Une « tombe creusée dans l’air »
Nulle question de limiter l’œuvre de Sylvie E. Saliceti à la description ou à l’évocation de lieux qui lui sont chers. Certes, ils le demeurent mais de fait le réel aimé n’est qu’un palimpseste. Il fait office d’élément déclencheur à la sensibilité de la créatrice. Celle-ci déstructure juste ce qu’il faut les paysages pour leur recréation afin de fomenter des épousailles moins géographiques.
A l’aide d’une technique parfaite aussi ample que syncopée, la poétesse problématise à sa manière la question du paysage. Elle le glisse dans des frontières intimes, en maints replis et dans la tiédeur sensuelle et surtout métaphysique. D’une certaine manière, le paysage évoque un paysage intérieur, une « tombe creusée dans l’air ».
Le premier échappe au simulacre afin de brûler — jusque dans la force de l’âge qui fait de nous le peu qu’on est, et qui nous happe — dans un désir de temps afin de remplacer le fuyant en une sorte d’éternel présent ou d’insistants avenirs. Ne serait-ce pas là le moyen de redéfinir le terme rimbaldien d’ « illuminations »? L’auteure rappelle que chez chaque être le sentiment d’une identité fuyante, introuvable peut toujours émerger du chaos. La poésie permet de la reconquérir à travers le travail de mémoire de celle qui se définit comme « brûlée de l’existence ». Cette recherche tient plus à la nature même du langage qu’à ce que ce dernier charrie d’images.

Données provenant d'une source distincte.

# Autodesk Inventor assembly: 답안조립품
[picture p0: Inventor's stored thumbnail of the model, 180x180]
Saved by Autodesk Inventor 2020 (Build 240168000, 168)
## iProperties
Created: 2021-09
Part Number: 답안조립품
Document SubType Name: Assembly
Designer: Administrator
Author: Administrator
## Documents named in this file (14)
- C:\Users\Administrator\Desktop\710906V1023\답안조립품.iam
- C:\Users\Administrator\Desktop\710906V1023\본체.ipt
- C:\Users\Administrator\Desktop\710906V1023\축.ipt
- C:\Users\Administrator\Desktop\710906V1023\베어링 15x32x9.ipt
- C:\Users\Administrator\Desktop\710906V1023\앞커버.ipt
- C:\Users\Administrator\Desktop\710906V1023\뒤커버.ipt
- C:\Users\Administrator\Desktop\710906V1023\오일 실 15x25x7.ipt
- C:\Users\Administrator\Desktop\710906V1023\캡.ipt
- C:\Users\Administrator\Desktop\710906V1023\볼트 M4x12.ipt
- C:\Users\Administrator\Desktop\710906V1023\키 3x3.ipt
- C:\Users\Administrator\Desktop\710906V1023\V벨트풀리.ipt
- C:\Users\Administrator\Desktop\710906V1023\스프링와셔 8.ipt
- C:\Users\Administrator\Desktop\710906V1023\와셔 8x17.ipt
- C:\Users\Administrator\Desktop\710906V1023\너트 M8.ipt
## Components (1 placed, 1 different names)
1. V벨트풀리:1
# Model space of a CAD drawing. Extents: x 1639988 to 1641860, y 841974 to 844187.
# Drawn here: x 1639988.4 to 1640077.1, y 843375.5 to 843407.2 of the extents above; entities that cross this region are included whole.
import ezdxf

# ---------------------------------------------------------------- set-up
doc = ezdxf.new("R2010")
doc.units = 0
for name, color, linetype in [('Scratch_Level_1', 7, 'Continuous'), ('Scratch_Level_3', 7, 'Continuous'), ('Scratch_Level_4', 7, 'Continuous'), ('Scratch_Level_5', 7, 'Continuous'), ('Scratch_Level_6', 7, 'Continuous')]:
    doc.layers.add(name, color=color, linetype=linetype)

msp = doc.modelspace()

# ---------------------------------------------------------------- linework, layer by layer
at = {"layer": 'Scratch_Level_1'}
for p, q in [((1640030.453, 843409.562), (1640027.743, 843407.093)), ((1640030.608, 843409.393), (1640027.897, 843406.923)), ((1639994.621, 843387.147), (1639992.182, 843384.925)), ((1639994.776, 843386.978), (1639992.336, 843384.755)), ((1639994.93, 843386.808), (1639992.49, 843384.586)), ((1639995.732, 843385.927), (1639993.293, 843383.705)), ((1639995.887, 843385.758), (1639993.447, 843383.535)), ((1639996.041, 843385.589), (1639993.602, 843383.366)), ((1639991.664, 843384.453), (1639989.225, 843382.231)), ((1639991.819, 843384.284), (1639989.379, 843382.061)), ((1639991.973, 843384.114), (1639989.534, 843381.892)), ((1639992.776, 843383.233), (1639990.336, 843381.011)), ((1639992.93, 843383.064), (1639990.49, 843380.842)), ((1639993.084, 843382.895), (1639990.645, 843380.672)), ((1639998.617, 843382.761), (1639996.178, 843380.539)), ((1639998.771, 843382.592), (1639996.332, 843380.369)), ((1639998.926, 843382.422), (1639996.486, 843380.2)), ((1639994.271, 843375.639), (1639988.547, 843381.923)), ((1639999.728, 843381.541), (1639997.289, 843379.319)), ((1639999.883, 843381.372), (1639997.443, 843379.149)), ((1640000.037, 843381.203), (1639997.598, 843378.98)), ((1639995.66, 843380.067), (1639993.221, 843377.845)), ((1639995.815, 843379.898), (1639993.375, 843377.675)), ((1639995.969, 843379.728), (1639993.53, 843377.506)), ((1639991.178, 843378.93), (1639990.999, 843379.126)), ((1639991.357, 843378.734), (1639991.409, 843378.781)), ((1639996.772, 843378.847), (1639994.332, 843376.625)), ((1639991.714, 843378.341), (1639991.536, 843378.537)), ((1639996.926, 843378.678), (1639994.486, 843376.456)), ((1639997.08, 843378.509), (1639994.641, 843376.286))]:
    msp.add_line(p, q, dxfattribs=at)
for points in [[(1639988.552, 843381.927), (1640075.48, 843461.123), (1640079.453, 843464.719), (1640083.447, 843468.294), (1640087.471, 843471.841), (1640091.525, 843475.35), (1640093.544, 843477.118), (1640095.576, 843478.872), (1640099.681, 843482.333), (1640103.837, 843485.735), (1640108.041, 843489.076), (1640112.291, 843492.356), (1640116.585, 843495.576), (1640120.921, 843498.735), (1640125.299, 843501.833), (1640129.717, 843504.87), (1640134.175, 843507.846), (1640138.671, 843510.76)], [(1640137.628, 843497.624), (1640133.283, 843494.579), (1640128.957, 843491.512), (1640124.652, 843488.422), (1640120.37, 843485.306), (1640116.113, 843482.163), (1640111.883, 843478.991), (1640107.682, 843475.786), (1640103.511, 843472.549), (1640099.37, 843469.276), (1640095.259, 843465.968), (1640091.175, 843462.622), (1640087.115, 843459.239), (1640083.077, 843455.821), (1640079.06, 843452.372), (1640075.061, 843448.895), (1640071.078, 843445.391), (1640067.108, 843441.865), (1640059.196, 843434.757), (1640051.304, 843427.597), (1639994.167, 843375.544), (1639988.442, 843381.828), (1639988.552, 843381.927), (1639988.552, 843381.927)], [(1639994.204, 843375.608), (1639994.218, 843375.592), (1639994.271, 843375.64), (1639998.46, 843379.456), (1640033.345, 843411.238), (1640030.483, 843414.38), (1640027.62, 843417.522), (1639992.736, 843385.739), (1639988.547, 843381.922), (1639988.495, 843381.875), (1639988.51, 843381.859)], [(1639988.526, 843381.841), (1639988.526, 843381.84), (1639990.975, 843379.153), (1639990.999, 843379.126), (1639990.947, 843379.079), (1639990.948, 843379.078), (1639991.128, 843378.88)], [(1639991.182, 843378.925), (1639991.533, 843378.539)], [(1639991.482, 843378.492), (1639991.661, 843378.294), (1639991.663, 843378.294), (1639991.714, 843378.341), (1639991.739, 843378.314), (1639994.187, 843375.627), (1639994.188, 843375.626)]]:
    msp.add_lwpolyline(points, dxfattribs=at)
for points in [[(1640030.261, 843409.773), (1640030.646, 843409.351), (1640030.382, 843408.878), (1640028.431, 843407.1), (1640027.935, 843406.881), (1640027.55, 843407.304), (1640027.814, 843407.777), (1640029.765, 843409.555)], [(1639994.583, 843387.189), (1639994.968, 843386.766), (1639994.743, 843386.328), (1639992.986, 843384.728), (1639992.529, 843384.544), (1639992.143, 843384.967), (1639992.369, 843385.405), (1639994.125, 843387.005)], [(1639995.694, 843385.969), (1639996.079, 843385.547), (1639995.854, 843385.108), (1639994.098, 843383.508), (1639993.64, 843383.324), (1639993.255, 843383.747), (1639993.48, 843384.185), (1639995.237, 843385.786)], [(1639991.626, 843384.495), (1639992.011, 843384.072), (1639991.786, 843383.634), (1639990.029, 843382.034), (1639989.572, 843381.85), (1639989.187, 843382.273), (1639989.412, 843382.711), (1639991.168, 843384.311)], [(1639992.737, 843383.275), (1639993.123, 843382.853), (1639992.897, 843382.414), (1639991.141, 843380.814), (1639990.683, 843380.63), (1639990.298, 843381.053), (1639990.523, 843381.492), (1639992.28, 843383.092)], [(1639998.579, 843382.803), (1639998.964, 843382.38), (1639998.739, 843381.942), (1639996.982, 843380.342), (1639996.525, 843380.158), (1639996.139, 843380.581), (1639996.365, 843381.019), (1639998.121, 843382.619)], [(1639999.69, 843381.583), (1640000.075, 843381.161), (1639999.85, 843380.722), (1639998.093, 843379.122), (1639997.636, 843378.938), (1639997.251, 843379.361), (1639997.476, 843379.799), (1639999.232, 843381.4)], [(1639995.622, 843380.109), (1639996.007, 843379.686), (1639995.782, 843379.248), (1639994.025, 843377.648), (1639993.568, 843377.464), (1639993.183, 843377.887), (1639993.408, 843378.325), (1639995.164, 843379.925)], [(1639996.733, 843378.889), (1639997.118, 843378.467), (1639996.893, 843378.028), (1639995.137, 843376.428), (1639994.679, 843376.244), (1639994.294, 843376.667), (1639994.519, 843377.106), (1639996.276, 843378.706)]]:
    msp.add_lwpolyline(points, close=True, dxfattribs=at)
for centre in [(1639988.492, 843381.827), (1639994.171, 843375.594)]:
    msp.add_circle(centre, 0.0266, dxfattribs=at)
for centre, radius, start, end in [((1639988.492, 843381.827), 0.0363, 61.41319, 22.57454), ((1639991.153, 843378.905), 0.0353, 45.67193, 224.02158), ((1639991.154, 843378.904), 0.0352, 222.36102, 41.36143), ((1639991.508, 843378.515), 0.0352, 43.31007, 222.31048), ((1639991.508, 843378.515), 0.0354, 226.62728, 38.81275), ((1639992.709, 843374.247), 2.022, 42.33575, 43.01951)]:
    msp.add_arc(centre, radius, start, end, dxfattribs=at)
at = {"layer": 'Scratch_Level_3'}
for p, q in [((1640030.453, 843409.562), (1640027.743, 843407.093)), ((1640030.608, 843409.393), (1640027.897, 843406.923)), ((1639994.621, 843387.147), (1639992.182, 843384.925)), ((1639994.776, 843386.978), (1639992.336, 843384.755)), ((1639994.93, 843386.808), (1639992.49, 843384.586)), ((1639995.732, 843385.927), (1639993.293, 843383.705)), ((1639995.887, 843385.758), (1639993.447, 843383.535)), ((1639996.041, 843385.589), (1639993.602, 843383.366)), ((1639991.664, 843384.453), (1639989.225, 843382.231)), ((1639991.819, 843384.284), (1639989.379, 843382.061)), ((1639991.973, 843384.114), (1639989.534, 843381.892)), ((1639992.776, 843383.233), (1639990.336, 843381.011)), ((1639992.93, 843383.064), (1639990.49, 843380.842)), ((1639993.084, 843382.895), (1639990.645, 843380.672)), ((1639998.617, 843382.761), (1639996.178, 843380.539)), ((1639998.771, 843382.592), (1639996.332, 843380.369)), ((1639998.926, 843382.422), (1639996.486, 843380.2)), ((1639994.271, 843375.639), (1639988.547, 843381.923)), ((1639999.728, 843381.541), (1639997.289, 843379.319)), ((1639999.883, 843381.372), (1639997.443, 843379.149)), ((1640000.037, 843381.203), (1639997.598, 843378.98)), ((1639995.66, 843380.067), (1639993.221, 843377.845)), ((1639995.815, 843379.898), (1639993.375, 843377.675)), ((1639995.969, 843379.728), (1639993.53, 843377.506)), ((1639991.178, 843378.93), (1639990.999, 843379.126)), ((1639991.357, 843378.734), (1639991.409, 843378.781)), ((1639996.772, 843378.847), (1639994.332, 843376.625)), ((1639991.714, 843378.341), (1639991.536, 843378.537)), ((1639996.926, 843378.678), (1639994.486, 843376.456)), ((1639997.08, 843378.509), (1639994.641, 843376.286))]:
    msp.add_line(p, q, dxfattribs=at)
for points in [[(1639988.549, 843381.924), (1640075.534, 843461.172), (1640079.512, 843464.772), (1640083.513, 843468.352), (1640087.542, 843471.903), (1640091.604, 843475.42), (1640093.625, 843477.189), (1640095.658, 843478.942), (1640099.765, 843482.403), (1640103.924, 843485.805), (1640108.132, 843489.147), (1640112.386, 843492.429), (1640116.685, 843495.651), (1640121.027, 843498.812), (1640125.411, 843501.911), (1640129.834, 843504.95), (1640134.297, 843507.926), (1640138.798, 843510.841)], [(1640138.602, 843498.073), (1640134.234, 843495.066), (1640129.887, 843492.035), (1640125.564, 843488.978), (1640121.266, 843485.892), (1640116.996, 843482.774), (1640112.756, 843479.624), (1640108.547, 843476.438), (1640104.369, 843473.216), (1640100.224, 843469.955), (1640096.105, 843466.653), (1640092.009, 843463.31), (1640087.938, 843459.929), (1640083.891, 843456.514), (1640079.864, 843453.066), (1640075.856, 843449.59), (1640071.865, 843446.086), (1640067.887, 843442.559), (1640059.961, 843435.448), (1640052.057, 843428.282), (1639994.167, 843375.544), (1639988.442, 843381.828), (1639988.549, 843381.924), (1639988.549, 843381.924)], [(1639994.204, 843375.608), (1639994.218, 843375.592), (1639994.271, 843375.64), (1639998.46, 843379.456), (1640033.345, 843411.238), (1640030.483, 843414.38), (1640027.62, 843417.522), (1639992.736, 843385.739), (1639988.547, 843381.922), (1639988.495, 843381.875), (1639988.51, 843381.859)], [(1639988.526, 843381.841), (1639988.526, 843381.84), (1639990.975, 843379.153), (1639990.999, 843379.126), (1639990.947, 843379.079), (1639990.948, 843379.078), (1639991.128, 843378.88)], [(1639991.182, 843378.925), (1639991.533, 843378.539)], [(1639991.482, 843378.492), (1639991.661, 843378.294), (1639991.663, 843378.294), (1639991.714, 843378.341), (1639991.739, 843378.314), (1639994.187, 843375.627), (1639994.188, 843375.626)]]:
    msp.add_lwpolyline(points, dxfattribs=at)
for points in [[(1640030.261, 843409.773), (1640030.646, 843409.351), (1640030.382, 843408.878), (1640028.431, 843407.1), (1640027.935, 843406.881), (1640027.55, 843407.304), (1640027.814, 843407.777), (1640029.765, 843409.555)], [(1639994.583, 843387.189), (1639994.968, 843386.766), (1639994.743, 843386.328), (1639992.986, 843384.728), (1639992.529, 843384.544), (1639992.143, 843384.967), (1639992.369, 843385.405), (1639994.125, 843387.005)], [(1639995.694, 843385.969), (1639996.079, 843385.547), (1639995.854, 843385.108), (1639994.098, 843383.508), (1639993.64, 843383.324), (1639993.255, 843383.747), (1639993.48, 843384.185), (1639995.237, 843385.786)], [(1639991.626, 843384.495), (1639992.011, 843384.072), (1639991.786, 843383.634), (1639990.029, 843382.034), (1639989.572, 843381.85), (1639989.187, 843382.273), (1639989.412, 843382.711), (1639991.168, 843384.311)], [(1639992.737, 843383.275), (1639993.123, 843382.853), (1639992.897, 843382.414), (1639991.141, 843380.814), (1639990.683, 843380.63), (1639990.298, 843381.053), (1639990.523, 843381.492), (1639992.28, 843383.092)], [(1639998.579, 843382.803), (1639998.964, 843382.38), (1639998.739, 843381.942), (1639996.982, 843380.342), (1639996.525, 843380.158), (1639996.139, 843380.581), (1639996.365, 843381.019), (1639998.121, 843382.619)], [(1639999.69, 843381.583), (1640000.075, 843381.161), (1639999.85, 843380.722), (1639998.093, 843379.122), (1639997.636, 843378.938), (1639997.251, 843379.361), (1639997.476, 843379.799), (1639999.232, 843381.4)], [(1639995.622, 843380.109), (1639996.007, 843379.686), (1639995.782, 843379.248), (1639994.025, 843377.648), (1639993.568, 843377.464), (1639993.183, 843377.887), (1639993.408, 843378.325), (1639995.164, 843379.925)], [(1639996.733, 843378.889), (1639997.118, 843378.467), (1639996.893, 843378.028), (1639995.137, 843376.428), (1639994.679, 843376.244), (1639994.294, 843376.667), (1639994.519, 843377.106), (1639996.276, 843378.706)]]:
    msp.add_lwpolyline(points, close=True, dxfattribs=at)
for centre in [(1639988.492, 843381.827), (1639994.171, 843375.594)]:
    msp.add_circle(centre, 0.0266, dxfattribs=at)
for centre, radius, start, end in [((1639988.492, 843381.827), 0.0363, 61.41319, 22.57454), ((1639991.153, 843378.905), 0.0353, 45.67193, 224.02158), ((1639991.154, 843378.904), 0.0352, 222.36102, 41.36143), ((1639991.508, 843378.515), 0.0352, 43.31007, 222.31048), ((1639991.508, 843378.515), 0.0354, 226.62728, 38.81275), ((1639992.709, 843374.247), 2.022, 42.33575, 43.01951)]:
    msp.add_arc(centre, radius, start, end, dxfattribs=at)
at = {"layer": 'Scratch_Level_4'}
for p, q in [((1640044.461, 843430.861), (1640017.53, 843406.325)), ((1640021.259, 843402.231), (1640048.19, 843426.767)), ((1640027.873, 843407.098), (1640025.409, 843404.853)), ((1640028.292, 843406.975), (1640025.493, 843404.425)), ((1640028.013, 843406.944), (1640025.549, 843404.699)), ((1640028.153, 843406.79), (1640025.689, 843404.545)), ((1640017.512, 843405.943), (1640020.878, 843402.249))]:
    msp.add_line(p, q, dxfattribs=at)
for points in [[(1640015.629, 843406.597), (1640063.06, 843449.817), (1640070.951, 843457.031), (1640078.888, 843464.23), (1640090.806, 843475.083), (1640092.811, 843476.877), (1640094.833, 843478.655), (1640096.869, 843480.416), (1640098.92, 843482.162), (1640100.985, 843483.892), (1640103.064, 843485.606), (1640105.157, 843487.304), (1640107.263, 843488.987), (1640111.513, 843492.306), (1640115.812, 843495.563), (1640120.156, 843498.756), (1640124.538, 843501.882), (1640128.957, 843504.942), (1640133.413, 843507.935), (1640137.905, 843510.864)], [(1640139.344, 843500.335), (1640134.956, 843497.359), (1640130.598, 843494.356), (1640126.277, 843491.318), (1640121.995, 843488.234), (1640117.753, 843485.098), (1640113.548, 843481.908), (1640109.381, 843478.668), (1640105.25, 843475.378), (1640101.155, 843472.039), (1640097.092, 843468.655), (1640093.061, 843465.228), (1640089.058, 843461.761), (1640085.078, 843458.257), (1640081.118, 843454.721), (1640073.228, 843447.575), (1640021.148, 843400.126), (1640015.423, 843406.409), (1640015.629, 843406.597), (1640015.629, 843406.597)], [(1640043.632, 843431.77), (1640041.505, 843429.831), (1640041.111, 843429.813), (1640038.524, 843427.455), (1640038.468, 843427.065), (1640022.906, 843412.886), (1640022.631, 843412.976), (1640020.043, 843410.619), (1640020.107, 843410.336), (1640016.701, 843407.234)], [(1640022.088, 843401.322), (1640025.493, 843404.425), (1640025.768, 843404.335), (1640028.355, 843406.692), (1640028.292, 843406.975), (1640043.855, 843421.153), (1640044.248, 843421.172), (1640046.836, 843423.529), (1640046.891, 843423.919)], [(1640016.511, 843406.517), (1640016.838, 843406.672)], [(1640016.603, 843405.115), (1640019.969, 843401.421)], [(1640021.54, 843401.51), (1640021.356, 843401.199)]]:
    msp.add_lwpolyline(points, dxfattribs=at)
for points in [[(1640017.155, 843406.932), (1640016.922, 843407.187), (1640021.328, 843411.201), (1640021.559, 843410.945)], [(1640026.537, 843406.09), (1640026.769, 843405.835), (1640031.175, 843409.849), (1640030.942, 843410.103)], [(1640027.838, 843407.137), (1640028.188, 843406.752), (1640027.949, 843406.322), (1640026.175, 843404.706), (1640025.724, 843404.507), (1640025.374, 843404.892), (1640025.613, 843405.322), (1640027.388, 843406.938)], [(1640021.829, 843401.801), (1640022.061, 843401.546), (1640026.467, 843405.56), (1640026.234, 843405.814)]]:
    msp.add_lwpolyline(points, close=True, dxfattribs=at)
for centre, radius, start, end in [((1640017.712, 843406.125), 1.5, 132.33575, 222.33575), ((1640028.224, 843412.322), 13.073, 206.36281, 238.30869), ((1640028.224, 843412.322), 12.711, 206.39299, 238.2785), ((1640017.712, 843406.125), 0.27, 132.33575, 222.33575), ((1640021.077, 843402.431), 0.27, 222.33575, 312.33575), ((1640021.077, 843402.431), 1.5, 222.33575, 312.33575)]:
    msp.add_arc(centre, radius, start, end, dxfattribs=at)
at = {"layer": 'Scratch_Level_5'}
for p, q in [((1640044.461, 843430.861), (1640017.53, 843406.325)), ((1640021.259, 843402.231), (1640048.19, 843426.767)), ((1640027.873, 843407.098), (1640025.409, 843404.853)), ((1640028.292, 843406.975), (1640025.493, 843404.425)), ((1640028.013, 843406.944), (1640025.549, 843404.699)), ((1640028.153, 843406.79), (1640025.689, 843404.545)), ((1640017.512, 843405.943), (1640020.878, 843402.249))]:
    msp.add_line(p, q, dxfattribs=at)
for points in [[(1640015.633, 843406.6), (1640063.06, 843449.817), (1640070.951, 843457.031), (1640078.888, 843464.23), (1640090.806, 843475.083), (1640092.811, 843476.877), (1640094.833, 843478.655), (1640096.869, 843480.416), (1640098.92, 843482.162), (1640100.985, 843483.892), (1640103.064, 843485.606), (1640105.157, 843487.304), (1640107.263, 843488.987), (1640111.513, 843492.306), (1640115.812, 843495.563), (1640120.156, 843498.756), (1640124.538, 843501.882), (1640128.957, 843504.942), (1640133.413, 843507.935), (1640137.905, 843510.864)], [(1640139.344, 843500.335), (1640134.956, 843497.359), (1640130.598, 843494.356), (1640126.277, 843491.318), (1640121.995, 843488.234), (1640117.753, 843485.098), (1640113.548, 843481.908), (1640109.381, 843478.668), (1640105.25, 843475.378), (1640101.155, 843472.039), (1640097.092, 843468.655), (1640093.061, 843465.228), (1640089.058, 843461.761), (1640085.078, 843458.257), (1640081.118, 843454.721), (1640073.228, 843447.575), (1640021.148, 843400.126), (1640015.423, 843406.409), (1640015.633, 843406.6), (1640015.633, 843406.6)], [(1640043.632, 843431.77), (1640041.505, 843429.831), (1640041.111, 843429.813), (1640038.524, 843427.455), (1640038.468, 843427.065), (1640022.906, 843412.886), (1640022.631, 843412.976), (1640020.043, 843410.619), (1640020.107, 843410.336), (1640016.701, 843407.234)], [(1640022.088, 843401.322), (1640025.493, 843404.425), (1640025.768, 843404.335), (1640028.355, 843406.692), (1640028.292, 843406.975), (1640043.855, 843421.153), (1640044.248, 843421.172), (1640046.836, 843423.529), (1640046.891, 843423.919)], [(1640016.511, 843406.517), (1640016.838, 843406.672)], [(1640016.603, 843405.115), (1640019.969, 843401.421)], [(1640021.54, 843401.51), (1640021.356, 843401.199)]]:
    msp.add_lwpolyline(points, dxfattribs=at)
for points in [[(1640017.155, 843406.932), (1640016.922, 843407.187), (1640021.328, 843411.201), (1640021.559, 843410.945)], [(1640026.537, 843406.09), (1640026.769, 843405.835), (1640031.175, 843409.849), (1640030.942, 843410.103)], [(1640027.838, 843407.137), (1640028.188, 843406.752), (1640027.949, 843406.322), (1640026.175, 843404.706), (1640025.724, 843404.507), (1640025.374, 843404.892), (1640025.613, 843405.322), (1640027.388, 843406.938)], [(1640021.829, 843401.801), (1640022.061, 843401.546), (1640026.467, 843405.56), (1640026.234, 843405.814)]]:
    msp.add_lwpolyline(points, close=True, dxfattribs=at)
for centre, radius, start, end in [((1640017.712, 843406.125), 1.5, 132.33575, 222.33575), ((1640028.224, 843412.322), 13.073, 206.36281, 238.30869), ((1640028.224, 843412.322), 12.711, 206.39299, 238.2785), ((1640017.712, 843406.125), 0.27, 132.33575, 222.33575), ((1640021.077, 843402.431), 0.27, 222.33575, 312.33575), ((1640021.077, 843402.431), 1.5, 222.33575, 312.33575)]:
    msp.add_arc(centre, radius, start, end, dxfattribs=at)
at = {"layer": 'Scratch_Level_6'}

Palimpseste de la mémoire vivante, le livre est donc la mise en acte de l’absence dans la mesure où le langage conditionne soudain le caractère inconnaissable de celle-ci et la possibilité de la poésie de le combler ou de le transcender en faisant remonter ce que les eaux du temps ont fait dériver jusqu’à ce que nous en perdions la trace.
jean-paul gavard-perret
Sylvie E. Saliceti, Couteau de lumière, Rougerie, Mortemart, 2017– 13,00 €.